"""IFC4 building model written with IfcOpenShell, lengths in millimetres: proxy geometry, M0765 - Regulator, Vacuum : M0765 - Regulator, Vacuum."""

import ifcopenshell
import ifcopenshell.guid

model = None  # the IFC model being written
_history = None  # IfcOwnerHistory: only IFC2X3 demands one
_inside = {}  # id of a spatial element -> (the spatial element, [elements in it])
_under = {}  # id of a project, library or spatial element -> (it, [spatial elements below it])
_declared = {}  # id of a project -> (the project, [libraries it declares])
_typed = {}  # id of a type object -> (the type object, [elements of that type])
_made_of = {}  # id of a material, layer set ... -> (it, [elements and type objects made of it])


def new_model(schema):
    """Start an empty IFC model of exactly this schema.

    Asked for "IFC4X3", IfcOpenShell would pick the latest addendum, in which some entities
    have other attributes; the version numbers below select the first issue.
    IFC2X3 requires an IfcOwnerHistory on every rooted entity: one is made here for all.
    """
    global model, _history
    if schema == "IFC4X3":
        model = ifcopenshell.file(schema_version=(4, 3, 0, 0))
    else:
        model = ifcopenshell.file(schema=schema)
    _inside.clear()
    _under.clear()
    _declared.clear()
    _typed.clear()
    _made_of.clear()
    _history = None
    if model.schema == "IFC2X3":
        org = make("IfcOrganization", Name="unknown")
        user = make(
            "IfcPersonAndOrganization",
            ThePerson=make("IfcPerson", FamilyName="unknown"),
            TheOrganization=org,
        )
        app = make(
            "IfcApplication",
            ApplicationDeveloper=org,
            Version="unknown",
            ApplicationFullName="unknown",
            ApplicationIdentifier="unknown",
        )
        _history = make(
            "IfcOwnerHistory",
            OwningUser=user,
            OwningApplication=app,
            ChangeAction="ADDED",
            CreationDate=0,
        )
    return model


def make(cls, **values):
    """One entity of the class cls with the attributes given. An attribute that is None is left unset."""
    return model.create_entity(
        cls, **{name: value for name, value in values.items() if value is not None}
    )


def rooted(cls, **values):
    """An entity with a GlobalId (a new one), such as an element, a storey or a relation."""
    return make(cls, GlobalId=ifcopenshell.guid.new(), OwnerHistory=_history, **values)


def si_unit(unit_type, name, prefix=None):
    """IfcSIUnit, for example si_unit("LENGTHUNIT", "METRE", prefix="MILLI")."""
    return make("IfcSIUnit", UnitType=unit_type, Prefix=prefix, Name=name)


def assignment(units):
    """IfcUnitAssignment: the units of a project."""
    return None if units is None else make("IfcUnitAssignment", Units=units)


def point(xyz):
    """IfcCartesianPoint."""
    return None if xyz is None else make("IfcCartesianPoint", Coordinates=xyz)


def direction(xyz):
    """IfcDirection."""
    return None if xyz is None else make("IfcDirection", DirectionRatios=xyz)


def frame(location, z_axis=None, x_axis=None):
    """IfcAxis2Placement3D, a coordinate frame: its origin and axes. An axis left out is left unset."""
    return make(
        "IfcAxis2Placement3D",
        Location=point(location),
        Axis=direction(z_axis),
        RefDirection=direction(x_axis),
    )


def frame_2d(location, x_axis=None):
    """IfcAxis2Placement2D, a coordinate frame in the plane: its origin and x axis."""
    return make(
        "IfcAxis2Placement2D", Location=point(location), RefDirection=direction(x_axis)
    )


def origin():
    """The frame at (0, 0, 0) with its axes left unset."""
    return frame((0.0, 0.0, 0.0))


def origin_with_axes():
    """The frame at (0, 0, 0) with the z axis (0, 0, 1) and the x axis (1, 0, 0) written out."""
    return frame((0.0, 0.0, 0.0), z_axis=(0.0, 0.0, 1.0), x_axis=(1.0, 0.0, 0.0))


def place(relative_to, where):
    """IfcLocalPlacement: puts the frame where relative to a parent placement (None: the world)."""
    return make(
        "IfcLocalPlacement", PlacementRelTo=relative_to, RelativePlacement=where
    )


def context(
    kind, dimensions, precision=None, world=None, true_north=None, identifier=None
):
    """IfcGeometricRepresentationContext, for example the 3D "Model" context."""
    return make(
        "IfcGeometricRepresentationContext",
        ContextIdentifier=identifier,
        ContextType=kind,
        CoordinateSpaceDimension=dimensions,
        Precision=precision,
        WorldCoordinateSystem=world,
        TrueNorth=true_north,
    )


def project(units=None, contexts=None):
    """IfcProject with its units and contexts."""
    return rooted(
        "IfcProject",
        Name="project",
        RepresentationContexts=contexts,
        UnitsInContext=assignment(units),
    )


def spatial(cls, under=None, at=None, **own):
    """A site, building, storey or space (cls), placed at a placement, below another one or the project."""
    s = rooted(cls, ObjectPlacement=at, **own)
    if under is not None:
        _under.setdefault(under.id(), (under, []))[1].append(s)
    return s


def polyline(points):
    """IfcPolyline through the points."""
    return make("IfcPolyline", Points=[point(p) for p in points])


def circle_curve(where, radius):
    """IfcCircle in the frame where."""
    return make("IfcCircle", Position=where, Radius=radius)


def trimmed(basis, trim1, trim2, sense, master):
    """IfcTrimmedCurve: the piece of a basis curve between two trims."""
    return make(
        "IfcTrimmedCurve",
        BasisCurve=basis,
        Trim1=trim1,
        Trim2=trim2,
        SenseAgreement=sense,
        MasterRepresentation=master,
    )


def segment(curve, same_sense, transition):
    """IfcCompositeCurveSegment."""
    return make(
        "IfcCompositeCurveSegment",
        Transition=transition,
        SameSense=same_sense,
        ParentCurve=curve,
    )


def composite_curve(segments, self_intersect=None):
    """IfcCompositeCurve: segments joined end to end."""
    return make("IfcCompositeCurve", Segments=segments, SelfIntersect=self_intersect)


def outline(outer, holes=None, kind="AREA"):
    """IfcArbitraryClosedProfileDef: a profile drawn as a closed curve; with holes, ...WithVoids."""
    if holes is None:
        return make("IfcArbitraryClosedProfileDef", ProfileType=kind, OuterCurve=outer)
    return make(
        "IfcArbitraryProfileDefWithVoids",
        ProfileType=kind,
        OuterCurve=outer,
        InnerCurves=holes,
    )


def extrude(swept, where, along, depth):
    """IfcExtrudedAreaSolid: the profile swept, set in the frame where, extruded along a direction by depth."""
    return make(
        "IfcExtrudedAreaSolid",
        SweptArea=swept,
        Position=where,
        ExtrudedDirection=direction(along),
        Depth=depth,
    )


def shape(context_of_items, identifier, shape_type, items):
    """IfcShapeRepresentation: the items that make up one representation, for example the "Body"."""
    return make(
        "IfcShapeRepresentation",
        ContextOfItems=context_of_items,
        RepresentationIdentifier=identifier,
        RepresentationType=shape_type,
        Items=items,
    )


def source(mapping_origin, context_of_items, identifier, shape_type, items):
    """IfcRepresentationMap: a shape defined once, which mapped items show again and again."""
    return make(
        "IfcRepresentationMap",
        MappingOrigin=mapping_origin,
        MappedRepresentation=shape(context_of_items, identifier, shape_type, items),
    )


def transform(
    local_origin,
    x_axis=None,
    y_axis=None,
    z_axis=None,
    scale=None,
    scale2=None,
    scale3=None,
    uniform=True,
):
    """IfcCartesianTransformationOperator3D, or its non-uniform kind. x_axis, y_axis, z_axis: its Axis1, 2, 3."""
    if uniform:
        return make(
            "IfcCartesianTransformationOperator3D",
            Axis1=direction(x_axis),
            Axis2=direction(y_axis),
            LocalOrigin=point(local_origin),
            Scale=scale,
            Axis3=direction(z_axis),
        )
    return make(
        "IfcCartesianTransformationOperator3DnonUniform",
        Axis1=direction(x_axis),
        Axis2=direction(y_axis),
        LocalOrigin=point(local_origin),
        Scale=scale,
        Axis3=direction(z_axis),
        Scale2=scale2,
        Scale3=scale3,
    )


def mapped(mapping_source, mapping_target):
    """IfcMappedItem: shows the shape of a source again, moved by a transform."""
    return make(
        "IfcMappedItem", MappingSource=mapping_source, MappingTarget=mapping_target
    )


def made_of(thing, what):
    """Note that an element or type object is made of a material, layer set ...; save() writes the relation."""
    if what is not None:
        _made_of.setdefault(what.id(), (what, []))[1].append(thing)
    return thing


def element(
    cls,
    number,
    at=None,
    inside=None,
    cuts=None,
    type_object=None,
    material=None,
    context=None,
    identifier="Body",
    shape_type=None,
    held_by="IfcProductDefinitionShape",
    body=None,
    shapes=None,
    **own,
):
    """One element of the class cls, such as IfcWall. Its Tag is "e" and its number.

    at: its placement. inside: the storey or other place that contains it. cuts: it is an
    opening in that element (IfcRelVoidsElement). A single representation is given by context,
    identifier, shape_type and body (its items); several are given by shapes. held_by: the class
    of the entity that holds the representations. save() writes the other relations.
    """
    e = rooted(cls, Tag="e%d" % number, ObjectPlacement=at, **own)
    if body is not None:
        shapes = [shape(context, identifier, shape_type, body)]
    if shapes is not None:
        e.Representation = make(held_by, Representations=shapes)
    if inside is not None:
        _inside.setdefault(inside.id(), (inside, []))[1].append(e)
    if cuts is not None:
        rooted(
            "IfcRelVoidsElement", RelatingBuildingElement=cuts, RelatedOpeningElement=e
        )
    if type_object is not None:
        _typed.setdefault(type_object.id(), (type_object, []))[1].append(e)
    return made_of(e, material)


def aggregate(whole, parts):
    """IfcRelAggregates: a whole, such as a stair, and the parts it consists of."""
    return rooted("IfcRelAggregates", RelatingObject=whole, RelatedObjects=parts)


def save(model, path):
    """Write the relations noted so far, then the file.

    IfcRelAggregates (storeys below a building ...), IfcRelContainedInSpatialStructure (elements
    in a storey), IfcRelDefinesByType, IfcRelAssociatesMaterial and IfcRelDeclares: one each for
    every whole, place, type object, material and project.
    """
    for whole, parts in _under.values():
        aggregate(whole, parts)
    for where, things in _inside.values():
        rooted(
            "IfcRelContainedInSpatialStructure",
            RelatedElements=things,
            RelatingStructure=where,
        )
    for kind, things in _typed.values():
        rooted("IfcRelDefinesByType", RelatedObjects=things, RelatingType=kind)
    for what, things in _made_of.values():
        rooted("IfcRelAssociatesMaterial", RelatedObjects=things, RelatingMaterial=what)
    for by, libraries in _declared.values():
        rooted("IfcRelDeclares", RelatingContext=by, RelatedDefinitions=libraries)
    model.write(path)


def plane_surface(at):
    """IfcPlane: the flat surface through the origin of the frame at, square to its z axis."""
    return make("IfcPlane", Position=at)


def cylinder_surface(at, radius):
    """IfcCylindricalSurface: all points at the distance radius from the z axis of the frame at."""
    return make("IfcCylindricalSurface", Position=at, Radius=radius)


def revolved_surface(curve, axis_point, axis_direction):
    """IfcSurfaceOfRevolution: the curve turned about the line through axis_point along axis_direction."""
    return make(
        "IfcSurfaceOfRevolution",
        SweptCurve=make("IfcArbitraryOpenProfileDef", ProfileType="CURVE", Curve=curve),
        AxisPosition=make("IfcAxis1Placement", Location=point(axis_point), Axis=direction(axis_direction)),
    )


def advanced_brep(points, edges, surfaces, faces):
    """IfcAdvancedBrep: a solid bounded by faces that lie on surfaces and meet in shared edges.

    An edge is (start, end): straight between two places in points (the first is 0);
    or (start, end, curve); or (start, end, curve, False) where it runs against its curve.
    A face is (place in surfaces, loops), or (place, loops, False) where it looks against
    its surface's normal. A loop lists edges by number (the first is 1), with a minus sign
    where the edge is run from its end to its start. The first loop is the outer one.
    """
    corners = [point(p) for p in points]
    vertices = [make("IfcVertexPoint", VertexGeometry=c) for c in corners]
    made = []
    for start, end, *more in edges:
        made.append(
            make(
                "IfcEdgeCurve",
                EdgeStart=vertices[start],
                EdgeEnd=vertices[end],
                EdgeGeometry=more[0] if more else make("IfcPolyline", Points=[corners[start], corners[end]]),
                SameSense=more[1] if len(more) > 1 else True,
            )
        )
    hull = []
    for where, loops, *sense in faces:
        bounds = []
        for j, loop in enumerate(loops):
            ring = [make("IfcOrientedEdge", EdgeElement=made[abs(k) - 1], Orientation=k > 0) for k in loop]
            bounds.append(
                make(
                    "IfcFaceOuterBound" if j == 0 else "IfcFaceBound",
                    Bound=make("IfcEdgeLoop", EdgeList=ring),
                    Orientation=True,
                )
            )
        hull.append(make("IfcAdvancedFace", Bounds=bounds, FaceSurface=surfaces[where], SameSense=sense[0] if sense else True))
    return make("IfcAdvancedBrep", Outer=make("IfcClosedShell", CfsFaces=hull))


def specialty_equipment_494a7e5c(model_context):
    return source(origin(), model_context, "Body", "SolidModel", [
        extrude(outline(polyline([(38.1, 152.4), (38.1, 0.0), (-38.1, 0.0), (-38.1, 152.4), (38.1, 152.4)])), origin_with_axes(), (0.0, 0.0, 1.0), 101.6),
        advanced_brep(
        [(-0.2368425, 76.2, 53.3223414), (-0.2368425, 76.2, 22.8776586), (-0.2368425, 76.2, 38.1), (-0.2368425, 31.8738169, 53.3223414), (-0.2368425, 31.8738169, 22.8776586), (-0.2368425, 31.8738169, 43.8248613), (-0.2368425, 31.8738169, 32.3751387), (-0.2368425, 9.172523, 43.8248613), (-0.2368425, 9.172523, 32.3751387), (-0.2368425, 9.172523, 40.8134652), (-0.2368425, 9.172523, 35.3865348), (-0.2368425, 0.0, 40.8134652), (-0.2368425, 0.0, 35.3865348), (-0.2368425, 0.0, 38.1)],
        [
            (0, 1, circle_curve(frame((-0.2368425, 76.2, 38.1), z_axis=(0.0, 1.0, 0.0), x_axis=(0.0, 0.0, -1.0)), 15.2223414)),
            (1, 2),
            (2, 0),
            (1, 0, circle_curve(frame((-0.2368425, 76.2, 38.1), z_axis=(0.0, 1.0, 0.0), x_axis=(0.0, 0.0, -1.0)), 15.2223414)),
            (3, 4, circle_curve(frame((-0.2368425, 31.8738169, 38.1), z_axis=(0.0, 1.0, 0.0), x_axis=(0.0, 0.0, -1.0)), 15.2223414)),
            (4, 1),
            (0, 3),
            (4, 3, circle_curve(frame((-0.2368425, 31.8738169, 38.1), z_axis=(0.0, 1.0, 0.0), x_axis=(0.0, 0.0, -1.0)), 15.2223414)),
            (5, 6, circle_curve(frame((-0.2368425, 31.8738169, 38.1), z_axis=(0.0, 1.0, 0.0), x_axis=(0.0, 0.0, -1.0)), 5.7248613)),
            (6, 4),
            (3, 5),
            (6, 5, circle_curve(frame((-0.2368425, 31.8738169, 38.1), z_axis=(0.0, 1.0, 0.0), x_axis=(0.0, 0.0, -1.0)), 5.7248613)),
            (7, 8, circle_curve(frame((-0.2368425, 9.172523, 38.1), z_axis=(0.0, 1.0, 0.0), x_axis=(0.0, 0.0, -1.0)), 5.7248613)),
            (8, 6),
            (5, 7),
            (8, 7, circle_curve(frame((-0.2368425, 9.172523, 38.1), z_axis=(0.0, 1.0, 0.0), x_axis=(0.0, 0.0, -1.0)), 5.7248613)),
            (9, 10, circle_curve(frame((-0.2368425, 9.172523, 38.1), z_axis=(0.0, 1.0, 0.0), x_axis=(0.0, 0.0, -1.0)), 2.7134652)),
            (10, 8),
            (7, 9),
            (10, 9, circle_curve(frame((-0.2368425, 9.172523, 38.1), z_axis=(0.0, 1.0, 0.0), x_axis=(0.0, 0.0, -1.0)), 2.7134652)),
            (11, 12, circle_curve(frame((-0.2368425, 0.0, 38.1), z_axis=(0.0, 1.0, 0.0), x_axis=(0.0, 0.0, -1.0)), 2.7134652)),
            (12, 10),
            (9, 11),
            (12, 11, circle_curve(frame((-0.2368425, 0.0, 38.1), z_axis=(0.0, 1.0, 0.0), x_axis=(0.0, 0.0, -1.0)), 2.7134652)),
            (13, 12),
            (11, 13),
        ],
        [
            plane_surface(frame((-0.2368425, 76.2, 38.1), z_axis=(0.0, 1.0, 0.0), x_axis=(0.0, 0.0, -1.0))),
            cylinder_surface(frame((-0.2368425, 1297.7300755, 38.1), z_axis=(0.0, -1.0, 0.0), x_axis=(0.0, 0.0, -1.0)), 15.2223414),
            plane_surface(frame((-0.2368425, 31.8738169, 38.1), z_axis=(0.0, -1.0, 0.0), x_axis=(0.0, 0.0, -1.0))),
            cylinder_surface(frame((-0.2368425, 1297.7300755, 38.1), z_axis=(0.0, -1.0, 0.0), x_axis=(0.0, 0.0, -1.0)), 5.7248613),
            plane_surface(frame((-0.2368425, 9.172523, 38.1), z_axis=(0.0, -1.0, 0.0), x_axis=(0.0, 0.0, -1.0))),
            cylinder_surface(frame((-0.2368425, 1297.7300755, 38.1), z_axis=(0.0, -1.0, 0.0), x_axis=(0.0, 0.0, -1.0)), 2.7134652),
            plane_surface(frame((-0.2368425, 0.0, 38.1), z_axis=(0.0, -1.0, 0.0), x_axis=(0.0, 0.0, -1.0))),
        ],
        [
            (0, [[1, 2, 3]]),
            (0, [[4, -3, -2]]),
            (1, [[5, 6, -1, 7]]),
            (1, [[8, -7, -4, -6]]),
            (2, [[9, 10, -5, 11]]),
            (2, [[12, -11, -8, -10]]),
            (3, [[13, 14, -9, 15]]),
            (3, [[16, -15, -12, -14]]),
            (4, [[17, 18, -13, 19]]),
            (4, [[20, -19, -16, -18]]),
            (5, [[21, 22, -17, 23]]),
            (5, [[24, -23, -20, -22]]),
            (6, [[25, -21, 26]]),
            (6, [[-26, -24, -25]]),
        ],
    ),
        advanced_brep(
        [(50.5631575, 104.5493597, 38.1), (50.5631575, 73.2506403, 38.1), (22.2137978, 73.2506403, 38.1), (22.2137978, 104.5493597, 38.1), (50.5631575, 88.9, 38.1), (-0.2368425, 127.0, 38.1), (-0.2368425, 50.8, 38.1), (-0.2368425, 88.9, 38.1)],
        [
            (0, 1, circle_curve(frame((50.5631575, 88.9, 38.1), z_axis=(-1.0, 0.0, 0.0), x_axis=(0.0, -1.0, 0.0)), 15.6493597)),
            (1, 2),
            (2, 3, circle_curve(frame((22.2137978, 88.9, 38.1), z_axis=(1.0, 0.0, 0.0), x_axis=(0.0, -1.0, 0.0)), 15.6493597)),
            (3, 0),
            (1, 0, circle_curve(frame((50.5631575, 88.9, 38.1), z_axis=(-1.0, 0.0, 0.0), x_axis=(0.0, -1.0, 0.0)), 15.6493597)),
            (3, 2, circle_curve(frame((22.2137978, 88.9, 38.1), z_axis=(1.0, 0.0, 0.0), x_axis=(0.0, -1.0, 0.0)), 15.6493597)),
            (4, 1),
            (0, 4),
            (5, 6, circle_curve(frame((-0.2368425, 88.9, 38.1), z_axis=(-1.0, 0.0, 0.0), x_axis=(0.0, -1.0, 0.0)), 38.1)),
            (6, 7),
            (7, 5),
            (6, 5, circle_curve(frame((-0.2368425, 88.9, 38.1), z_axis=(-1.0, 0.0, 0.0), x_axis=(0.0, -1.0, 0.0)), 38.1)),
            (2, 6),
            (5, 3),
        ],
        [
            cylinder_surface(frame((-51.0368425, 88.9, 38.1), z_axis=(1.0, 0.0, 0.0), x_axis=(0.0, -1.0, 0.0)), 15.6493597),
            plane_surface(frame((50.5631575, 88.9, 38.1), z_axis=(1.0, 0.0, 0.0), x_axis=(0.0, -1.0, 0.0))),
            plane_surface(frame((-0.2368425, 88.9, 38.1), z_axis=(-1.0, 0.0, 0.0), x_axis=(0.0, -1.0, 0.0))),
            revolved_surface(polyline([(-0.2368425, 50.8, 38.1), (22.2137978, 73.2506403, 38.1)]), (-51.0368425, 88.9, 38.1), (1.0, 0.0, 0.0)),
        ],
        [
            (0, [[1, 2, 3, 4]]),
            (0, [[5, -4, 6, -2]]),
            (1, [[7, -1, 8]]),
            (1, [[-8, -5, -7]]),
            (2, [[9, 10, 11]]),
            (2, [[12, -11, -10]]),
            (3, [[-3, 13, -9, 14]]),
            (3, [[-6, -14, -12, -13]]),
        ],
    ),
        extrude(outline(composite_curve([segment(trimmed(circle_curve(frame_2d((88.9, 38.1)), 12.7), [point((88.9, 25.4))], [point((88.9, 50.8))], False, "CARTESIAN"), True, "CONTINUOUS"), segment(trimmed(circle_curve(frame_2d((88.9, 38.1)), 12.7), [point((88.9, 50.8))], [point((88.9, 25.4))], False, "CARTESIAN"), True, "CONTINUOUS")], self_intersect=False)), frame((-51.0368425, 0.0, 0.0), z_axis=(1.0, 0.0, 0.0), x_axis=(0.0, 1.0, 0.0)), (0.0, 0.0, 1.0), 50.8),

=-=-=

▶ _Aim of the task_:
In the records above, locate each line with the word "units". Copy all such lines.

▶ _Expected output_:
def assignment(units):
    """IfcUnitAssignment: the units of a project."""
    return None if units is None else make("IfcUnitAssignment", Units=units)
def project(units=None, contexts=None):
    """IfcProject with its units and contexts."""
        UnitsInContext=assignment(units),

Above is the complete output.